**TASK**
Retype only what runs from the beginning of the data through the line with "#1725=FACE_OUTER_BOUND('',#2846,.T.);"; please omit the pictures and keep every line exact.

(Data records)
*** Begin section ***

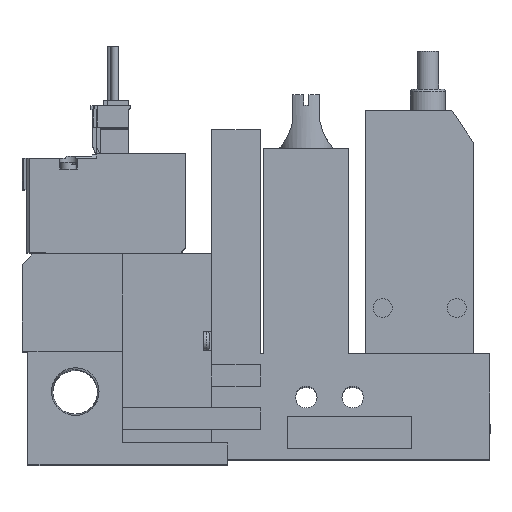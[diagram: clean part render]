
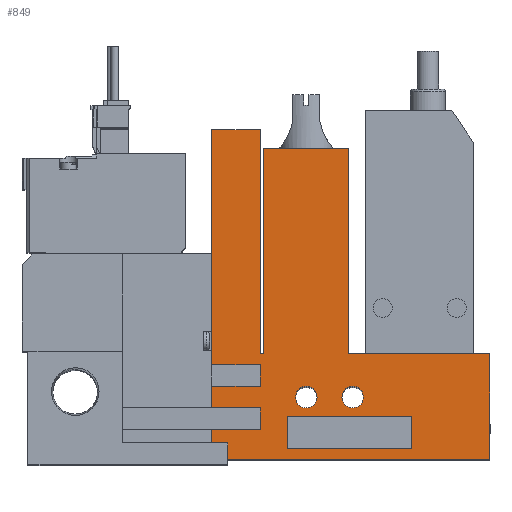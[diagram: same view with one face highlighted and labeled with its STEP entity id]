
A CAD part, top view. The second image highlights one B-rep face of the part: STEP entity #849.
In plain terms, the highlighted planar face has unit normal (0, 0, 1).
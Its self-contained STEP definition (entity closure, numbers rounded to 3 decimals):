
#849=ADVANCED_FACE('',(#1725,#1726,#1727,#1728),#1729,.T.);
#1725=FACE_OUTER_BOUND('',#2846,.T.);
#1726=FACE_BOUND('',#2847,.T.);
#1727=FACE_BOUND('',#2848,.T.);
#1728=FACE_BOUND('',#2849,.T.);
#1729=PLANE('',#2850);
#2846=EDGE_LOOP('',(#5975,#5976,#5977,#5978,#5979,#5980,#5981,#5982,#5983,#5984,#5985,#5986,#5987,#5988,#5989,#5990,#5991,#5992));
#2847=EDGE_LOOP('',(#5993,#5994,#5995,#5996));
#2848=EDGE_LOOP('',(#5997));
#2849=EDGE_LOOP('',(#5998));
#2850=AXIS2_PLACEMENT_3D('',#5999,#6000,#6001);
#5975=ORIENTED_EDGE('',*,*,#7830,.T.);
#5976=ORIENTED_EDGE('',*,*,#7848,.T.);
#5977=ORIENTED_EDGE('',*,*,#7816,.T.);
#5978=ORIENTED_EDGE('',*,*,#7850,.T.);
#5979=ORIENTED_EDGE('',*,*,#7760,.T.);
#5980=ORIENTED_EDGE('',*,*,#7875,.T.);
#5981=ORIENTED_EDGE('',*,*,#7822,.T.);
#5982=ORIENTED_EDGE('',*,*,#7873,.T.);
#5983=ORIENTED_EDGE('',*,*,#7764,.T.);
#5984=ORIENTED_EDGE('',*,*,#7879,.T.);
#5985=ORIENTED_EDGE('',*,*,#7865,.T.);
#5986=ORIENTED_EDGE('',*,*,#7862,.T.);
#5987=ORIENTED_EDGE('',*,*,#7859,.T.);
#5988=ORIENTED_EDGE('',*,*,#7856,.T.);
#5989=ORIENTED_EDGE('',*,*,#7853,.T.);
#5990=ORIENTED_EDGE('',*,*,#7705,.T.);
#5991=ORIENTED_EDGE('',*,*,#7702,.T.);
#5992=ORIENTED_EDGE('',*,*,#7709,.T.);
#5993=ORIENTED_EDGE('',*,*,#7841,.T.);
#5994=ORIENTED_EDGE('',*,*,#7838,.T.);
#5995=ORIENTED_EDGE('',*,*,#7846,.T.);
#5996=ORIENTED_EDGE('',*,*,#7844,.T.);
#5997=ORIENTED_EDGE('',*,*,#7686,.T.);
#5998=ORIENTED_EDGE('',*,*,#7692,.T.);
#5999=CARTESIAN_POINT('',(0.0,0.0,10.0));
#6000=DIRECTION('',(0.0,0.0,1.0));
#6001=DIRECTION('',(1.0,0.0,0.0));
#7686=EDGE_CURVE('',#9325,#9325,#9326,.T.);
#7692=EDGE_CURVE('',#9337,#9337,#9338,.T.);
#7702=EDGE_CURVE('',#9357,#9355,#9358,.T.);
#7705=EDGE_CURVE('',#9362,#9357,#9363,.T.);
#7709=EDGE_CURVE('',#9355,#9367,#9369,.T.);
#7760=EDGE_CURVE('',#9461,#9459,#9462,.T.);
#7764=EDGE_CURVE('',#9464,#9466,#9468,.T.);
#7816=EDGE_CURVE('',#9551,#9556,#9558,.T.);
#7822=EDGE_CURVE('',#9564,#9566,#9568,.T.);
#7830=EDGE_CURVE('',#9367,#9578,#9580,.T.);
#7838=EDGE_CURVE('',#9589,#9594,#9596,.T.);
#7841=EDGE_CURVE('',#9597,#9589,#9601,.T.);
#7844=EDGE_CURVE('',#9602,#9597,#9606,.T.);
#7846=EDGE_CURVE('',#9594,#9602,#9608,.T.);
#7848=EDGE_CURVE('',#9578,#9551,#9610,.T.);
#7850=EDGE_CURVE('',#9556,#9461,#9612,.T.);
#7853=EDGE_CURVE('',#9616,#9362,#9617,.T.);
#7856=EDGE_CURVE('',#9621,#9616,#9622,.T.);
#7859=EDGE_CURVE('',#9626,#9621,#9627,.T.);
#7862=EDGE_CURVE('',#9631,#9626,#9632,.T.);
#7865=EDGE_CURVE('',#9636,#9631,#9637,.T.);
#7873=EDGE_CURVE('',#9566,#9464,#9647,.T.);
#7875=EDGE_CURVE('',#9459,#9564,#9649,.T.);
#7879=EDGE_CURVE('',#9466,#9636,#9654,.T.);
#9325=VERTEX_POINT('',#11962);
#9326=CIRCLE('',#11963,2.0);
#9337=VERTEX_POINT('',#11978);
#9338=CIRCLE('',#11979,2.0);
#9355=VERTEX_POINT('',#12002);
#9357=VERTEX_POINT('',#12005);
#9358=LINE('',#12006,#12007);
#9362=VERTEX_POINT('',#12013);
#9363=LINE('',#12014,#12015);
#9367=VERTEX_POINT('',#12021);
#9369=LINE('',#12024,#12025);
#9459=VERTEX_POINT('',#12177);
#9461=VERTEX_POINT('',#12180);
#9462=LINE('',#12181,#12182);
#9464=VERTEX_POINT('',#12185);
#9466=VERTEX_POINT('',#12188);
#9468=LINE('',#12191,#12192);
#9551=VERTEX_POINT('',#12315);
#9556=VERTEX_POINT('',#12322);
#9558=LINE('',#12325,#12326);
#9564=VERTEX_POINT('',#12335);
#9566=VERTEX_POINT('',#12338);
#9568=LINE('',#12341,#12342);
#9578=VERTEX_POINT('',#12358);
#9580=LINE('',#12361,#12362);
#9589=VERTEX_POINT('',#12375);
#9594=VERTEX_POINT('',#12382);
#9596=LINE('',#12385,#12386);
#9597=VERTEX_POINT('',#12387);
#9601=LINE('',#12393,#12394);
#9602=VERTEX_POINT('',#12395);
#9606=LINE('',#12401,#12402);
#9608=LINE('',#12405,#12406);
#9610=LINE('',#12409,#12410);
#9612=LINE('',#12413,#12414);
#9616=VERTEX_POINT('',#12420);
#9617=LINE('',#12421,#12422);
#9621=VERTEX_POINT('',#12428);
#9622=LINE('',#12429,#12430);
#9626=VERTEX_POINT('',#12436);
#9627=LINE('',#12437,#12438);
#9631=VERTEX_POINT('',#12444);
#9632=LINE('',#12445,#12446);
#9636=VERTEX_POINT('',#12452);
#9637=LINE('',#12453,#12454);
#9647=LINE('',#12471,#12472);
#9649=LINE('',#12475,#12476);
#9654=LINE('',#12484,#12485);
#11962=CARTESIAN_POINT('',(54.6,11.5,10.0));
#11963=AXIS2_PLACEMENT_3D('',#14167,#14168,#14169);
#11978=CARTESIAN_POINT('',(63.2,11.5,10.0));
#11979=AXIS2_PLACEMENT_3D('',#14177,#14178,#14179);
#12002=CARTESIAN_POINT('',(44.1,61.0,10.0));
#12005=CARTESIAN_POINT('',(44.1,19.5,10.0));
#12006=CARTESIAN_POINT('',(44.1,19.5,10.0));
#12007=VECTOR('',#14193,1.0);
#12013=CARTESIAN_POINT('',(44.75,19.5,10.0));
#12014=CARTESIAN_POINT('',(44.75,19.5,10.0));
#12015=VECTOR('',#14196,1.0);
#12021=CARTESIAN_POINT('',(35.1,61.0,10.0));
#12024=CARTESIAN_POINT('',(44.1,61.0,10.0));
#12025=VECTOR('',#14200,1.0);
#12177=CARTESIAN_POINT('',(35.1,9.5,10.0));
#12180=CARTESIAN_POINT('',(35.1,13.5,10.0));
#12181=CARTESIAN_POINT('',(35.1,0.0,10.0));
#12182=VECTOR('',#14265,1.0);
#12185=CARTESIAN_POINT('',(35.1,5.5,10.0));
#12188=CARTESIAN_POINT('',(35.1,0.0,10.0));
#12191=CARTESIAN_POINT('',(35.1,0.0,10.0));
#12192=VECTOR('',#14269,1.0);
#12315=CARTESIAN_POINT('',(44.1,17.5,10.0));
#12322=CARTESIAN_POINT('',(44.1,13.5,10.0));
#12325=CARTESIAN_POINT('',(44.1,0.0,10.0));
#12326=VECTOR('',#14337,1.0);
#12335=CARTESIAN_POINT('',(44.1,9.5,10.0));
#12338=CARTESIAN_POINT('',(44.1,5.5,10.0));
#12341=CARTESIAN_POINT('',(44.1,0.0,10.0));
#12342=VECTOR('',#14343,1.0);
#12358=CARTESIAN_POINT('',(35.1,17.5,10.0));
#12361=CARTESIAN_POINT('',(35.1,61.0,10.0));
#12362=VECTOR('',#14351,1.0);
#12375=CARTESIAN_POINT('',(49.1,8.0,10.0));
#12382=CARTESIAN_POINT('',(72.1,8.0,10.0));
#12385=CARTESIAN_POINT('',(0.0,8.0,10.0));
#12386=VECTOR('',#14359,1.0);
#12387=CARTESIAN_POINT('',(49.1,2.0,10.0));
#12393=CARTESIAN_POINT('',(49.1,0.0,10.0));
#12394=VECTOR('',#14362,1.0);
#12395=CARTESIAN_POINT('',(72.1,2.0,10.0));
#12401=CARTESIAN_POINT('',(0.0,2.0,10.0));
#12402=VECTOR('',#14365,1.0);
#12405=CARTESIAN_POINT('',(72.1,0.0,10.0));
#12406=VECTOR('',#14367,1.0);
#12409=CARTESIAN_POINT('',(0.0,17.5,10.0));
#12410=VECTOR('',#14369,1.0);
#12413=CARTESIAN_POINT('',(0.0,13.5,10.0));
#12414=VECTOR('',#14371,1.0);
#12420=CARTESIAN_POINT('',(44.75,57.5,10.0));
#12421=CARTESIAN_POINT('',(44.75,57.5,10.0));
#12422=VECTOR('',#14374,1.0);
#12428=CARTESIAN_POINT('',(60.45,57.5,10.0));
#12429=CARTESIAN_POINT('',(60.45,57.5,10.0));
#12430=VECTOR('',#14377,1.0);
#12436=CARTESIAN_POINT('',(60.45,19.5,10.0));
#12437=CARTESIAN_POINT('',(60.45,19.5,10.0));
#12438=VECTOR('',#14380,1.0);
#12444=CARTESIAN_POINT('',(86.6,19.5,10.0));
#12445=CARTESIAN_POINT('',(86.6,19.5,10.0));
#12446=VECTOR('',#14383,1.0);
#12452=CARTESIAN_POINT('',(86.6,0.0,10.0));
#12453=CARTESIAN_POINT('',(86.6,0.0,10.0));
#12454=VECTOR('',#14386,1.0);
#12471=CARTESIAN_POINT('',(0.0,5.5,10.0));
#12472=VECTOR('',#14394,1.0);
#12475=CARTESIAN_POINT('',(0.0,9.5,10.0));
#12476=VECTOR('',#14396,1.0);
#12484=CARTESIAN_POINT('',(18.6,0.0,10.0));
#12485=VECTOR('',#14400,1.0);
#14167=CARTESIAN_POINT('',(52.6,11.5,10.0));
#14168=DIRECTION('',(0.0,0.0,-1.0));
#14169=DIRECTION('',(1.0,0.0,0.0));
#14177=CARTESIAN_POINT('',(61.2,11.5,10.0));
#14178=DIRECTION('',(0.0,0.0,-1.0));
#14179=DIRECTION('',(1.0,0.0,0.0));
#14193=DIRECTION('',(0.0,1.0,0.0));
#14196=DIRECTION('',(-1.0,0.0,0.0));
#14200=DIRECTION('',(-1.0,0.0,0.0));
#14265=DIRECTION('',(0.0,-1.0,0.0));
#14269=DIRECTION('',(0.0,-1.0,0.0));
#14337=DIRECTION('',(0.0,-1.0,0.0));
#14343=DIRECTION('',(0.0,-1.0,0.0));
#14351=DIRECTION('',(0.0,-1.0,0.0));
#14359=DIRECTION('',(1.0,0.0,0.0));
#14362=DIRECTION('',(0.0,1.0,0.0));
#14365=DIRECTION('',(-1.0,0.0,0.0));
#14367=DIRECTION('',(0.0,-1.0,0.0));
#14369=DIRECTION('',(1.0,0.0,0.0));
#14371=DIRECTION('',(-1.0,0.0,0.0));
#14374=DIRECTION('',(0.0,-1.0,0.0));
#14377=DIRECTION('',(-1.0,0.0,0.0));
#14380=DIRECTION('',(0.0,1.0,0.0));
#14383=DIRECTION('',(-1.0,0.0,0.0));
#14386=DIRECTION('',(0.0,1.0,0.0));
#14394=DIRECTION('',(-1.0,0.0,0.0));
#14396=DIRECTION('',(1.0,0.0,0.0));
#14400=DIRECTION('',(1.0,0.0,0.0));

*** End section ***

**RESPONSE BELOW**
[diagram: clean part render]
[diagram: same view with one face highlighted and labeled with its STEP entity id]
A CAD part, top view. The second image highlights one B-rep face of the part: STEP entity #849.
In plain terms, the highlighted planar face has unit normal (0, 0, 1).
Its self-contained STEP definition (entity closure, numbers rounded to 3 decimals):
#849=ADVANCED_FACE('',(#1725,#1726,#1727,#1728),#1729,.T.);
#1725=FACE_OUTER_BOUND('',#2846,.T.);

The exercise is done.